Mine is to be better and stronger man when falling to fall like a cat ''on both four'' not clumsy like a dog and to have the will to stand up, pick up the pieces and go on enriched with that experience...Also to settle down in work and love affairs to find someone i could really trust and not end my soul ripped apart...Sometimes i feel i have waited too much and my efforts not being awarded...


----------



## Cheyenne (Aug 6, 2012)

Well sir, I can't help you with your soul-searching, but I can say that today what I wish for is a good night's sleep :tiphat: :lol:


----------



## Ingélou (Feb 10, 2013)

The trouble with 'wishes' is that they are too big & idealistic. I remember a public speaker we once coached and she, an eighteen-year-old student, told the story of a British ambassador who when asked what he wanted for Christmas said, 'A little box of mints!' This was in reaction to the other ambassadors who'd all said big things like 'world peace'. Our student thought this was culpably unidealistic, but Taggart & I could see the Brit's point. You can reasonably expect to be given the mints, but who's going to find World Peace gift-wrapped in their stocking? :lol:

I'd like to be a brilliant violinist, but failing that, if I could only get the bowing right in my grade 3 piece, 'Putting on the Ritz'!


----------



## clavichorder (May 2, 2011)

I have a rather urgent wish that I be given the mental fuel and whatever it takes to finish this random 10 page paper that is due tomorrow. And to comfortably enjoy reading this book while I procrastinate.


----------



## Vaneyes (May 11, 2010)

Before I lay me down to sleep...

"Dear God, grant me the strength to pick up my big lottery win."


----------



## Vaneyes (May 11, 2010)

Ingélou said:


> *The trouble with 'wishes' is that they are too big & idealistic.* I remember a public speaker we once coached and she, an eighteen-year-old student, told the story of a British ambassador who when asked what he wanted for Christmas said, 'A little box of mints!' This was in reaction to the other ambassadors who'd all said big things like 'world peace'. Our student thought this was culpably unidealistic, but Taggart & I could see the Brit's point. You can reasonably expect to be given the mints, but who's going to find World Peace gift-wrapped in their stocking? :lol:
> 
> I'd like to be a brilliant violinist, but failing that, if I could only get the bowing right in my grade 3 piece, 'Putting on the Ritz'!


Now you tell me!

Note to edit my previous post with, "Reasonable lottery win."


----------



## mstar (Aug 14, 2013)

Perhaps it is better not to wish.


----------



## Gilberto (Sep 12, 2013)

mstar said:


> Perhaps it is better not to wish.


unless it upon a star


----------



## mstar (Aug 14, 2013)

Gilberto said:


> unless it upon a star


unless that star is mstar.


----------



## Wandering (Feb 27, 2012)

Flamme said:


> What do you wish for today or for the future? What would you like to change or you ''ask God to grant you strength or a helping hand in some situation''?
> Mine is to be better and stronger man when falling to fall like a cat ''on both four'' not clumsy like a dog and to have the will to stand up, pick up the pieces and go on enriched with that experience...Also to settle down in work and love affairs to find someone i could really trust and not end my soul ripped apart...Sometimes i feel i have waited too much and my efforts not being awarded...


But I like dogs. 

My cats are both 100% percent jerks, even though they're cute. Everyday I have to remind them anew that it is all their fault, every bit of it. But they just ignore me and continue being cats.
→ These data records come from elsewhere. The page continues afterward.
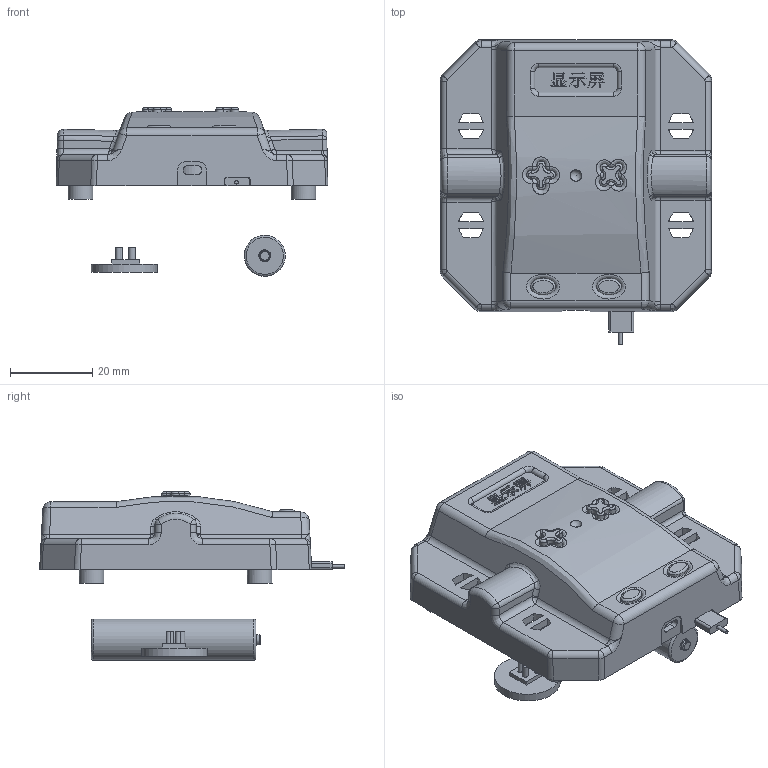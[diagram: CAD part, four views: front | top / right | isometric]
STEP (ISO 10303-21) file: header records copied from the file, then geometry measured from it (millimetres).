
FILE_DESCRIPTION(/* description */ (''),/* implementation_level */ '2;1');
FILE_NAME(/* name */ '3.stp',/* time_stamp */ '2023-04-15T14:52:05+08:00',/* author */ (''),/* organization */ (''),/* preprocessor_version */ 'ST-DEVELOPER v16.7',/* originating_system */ 'SIEMENS PLM Software NX 12.0',/* authorisation */ '');
FILE_SCHEMA (('AUTOMOTIVE_DESIGN { 1 0 10303 214 3 1 1 1 }'));
Length unit declared in the file: millimetre
Products named in the file (1): 3
Bounding box: 65.98 x 74.05 x 41 mm (x, y, z)
Volume: 21083.3 mm3; surface area: 21124.9 mm2
Topology: 10 solids, 10 shells, 729 faces, 1826 edges, 1112 vertices
Faces by surface type: plane 300, cylinder 215, bspline 104, extrusion 60, sphere 36, torus 14
Full cylindrical faces by diameter (mm): 0.869 x1, 1.061 x1, 1.262 x1, 1.349 x1, 1.683 x1, 2.5 x1, 2.896 x3, 3 x4, 6 x4, 8 x1, 10 x1, 16 x1
Entity records: 29053 total; most frequent: CARTESIAN_POINT 10980, ORIENTED_EDGE 3460, DIRECTION 2982, EDGE_CURVE 1730, VERTEX_POINT 1093, AXIS2_PLACEMENT_3D 1066, VECTOR 850, EDGE_LOOP 829
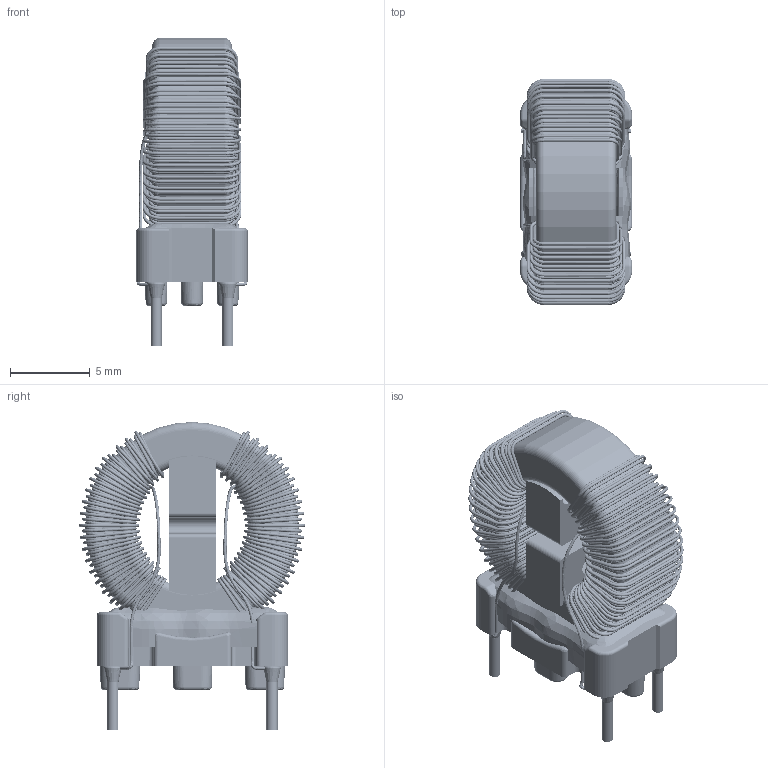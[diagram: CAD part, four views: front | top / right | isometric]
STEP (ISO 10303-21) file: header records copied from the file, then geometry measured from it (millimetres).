
FILE_DESCRIPTION(/* description */ ('Unknown'),/* implementation_level */ '2;1');
FILE_NAME(/* name */ 'L_Wurth_WE-CMB-XS_L15W7.8H17.5',/* time_stamp */ '2024-10-11T16:19:39+08:00',/* author */ ('Unknown'),/* organization */ ('Unknown'),/* preprocessor_version */ 'ST-DEVELOPER v16.7',/* originating_system */ 'Solid Edge',/* authorisation */ 'Unknown');
FILE_SCHEMA (('AUTOMOTIVE_DESIGN {1 0 10303 214 3 1 1}'));
Length unit declared in the file: millimetre
Products named in the file (2): L_Wurth_WE-CMB-XS_L15W7.8H17.5
Assembly tree (1 placements, depth 2):
  L_Wurth_WE-CMB-XS_L15W7.8H17.5
    L_Wurth_WE-CMB-XS_L15W7.8H17.5
Bounding box: 7 x 14.2 x 19.34 mm (x, y, z)
Volume: 896.6 mm3; surface area: 2731.6 mm2
Topology: 14 solids, 18 shells, 1538 faces, 3538 edges, 2005 vertices
Faces by surface type: cylinder 713, bspline 368, torus 327, plane 117, cone 12, sphere 1
Full cylindrical faces by diameter (mm): 0.2 x596, 0.7 x12, 7.8 x1, 13 x1
Entity records: 70079 total; most frequent: CARTESIAN_POINT 34204, DIRECTION 4647, ORIENTED_EDGE 4006, EDGE_LOOP 2901, FACE_BOUND 2901, AXIS2_PLACEMENT_3D 2184, EDGE_CURVE 2003, VERTEX_POINT 1738

I think few are taking this thread seriously at all, it is a shame. Nothing wrong with something felt. I might realize so many years from now that I completely chuckled my life away.


----------



## Ingélou (Feb 10, 2013)

I wish for a little more *willpower*. I know perfectly well what I should do - not sit around on TC for hours, go for a walk, clean the house, practise techniques not just fun-tunes, be more patient with my trying aged parent, don't eat junk food - but do I do it? Do I heckers!


----------



## Sophi (Nov 23, 2013)

For me, wish means something that I can only dream about. Thus I rather have aims which I know I can reach in the near future. Now I'm busy in studying for exams and looking forward to pass all of them with good results. But anyways, I wish it was Christmas now  I fairly miss the feeling of tranquility and endless love.


----------



## SiegendesLicht (Mar 4, 2012)

Not exactly a wish, more like a resolution: to live my life so as not to waste any time unproductively. To let even my entertainments be quality ones: something that would educate the mind and uplift the spirit (like classical music). 

The WWII discussion in the thread about Stockhausen has reminded me, how I used to be a huge fan of WWII-based video games like "Call of Duty" about 6-8 years ago. Now I regret not only taking part in "entertainment" like that at all, but also the countless hours I have wasted on it. Heck, I could have been educating myself on that same history during all that time! 
I only wish that, when I look back at my life years later, I will not regret mindlessly wasting any part of it.


----------



## Cheyenne (Aug 6, 2012)

SiegendesLicht said:


> The WWII discussion in the thread about Stockhausen has reminded me, how I used to be a huge fan of WWII-based video games like "Call of Duty" about 6-8 years ago. Now I regret not only taking part in "entertainment" like that at all, but also the countless hours I have wasted on it. Heck, I could have been educating myself on that same history during all that time!


Repetitive playing is the greatest danger the video-game player can succumb to. Many are made nowadays to make you actively waste time, doing little that is of any use beyond the game itself. I had friends who had played similar games for nearly 600 hours - what a profound waste of time! Luckily I thirst for narrative experiences, so I play from beginning to end and then quit - thus I rarely spent more than 8 hours on a game. It's pitiful to see how many people play single games for hundreds of hours, and it happens often too.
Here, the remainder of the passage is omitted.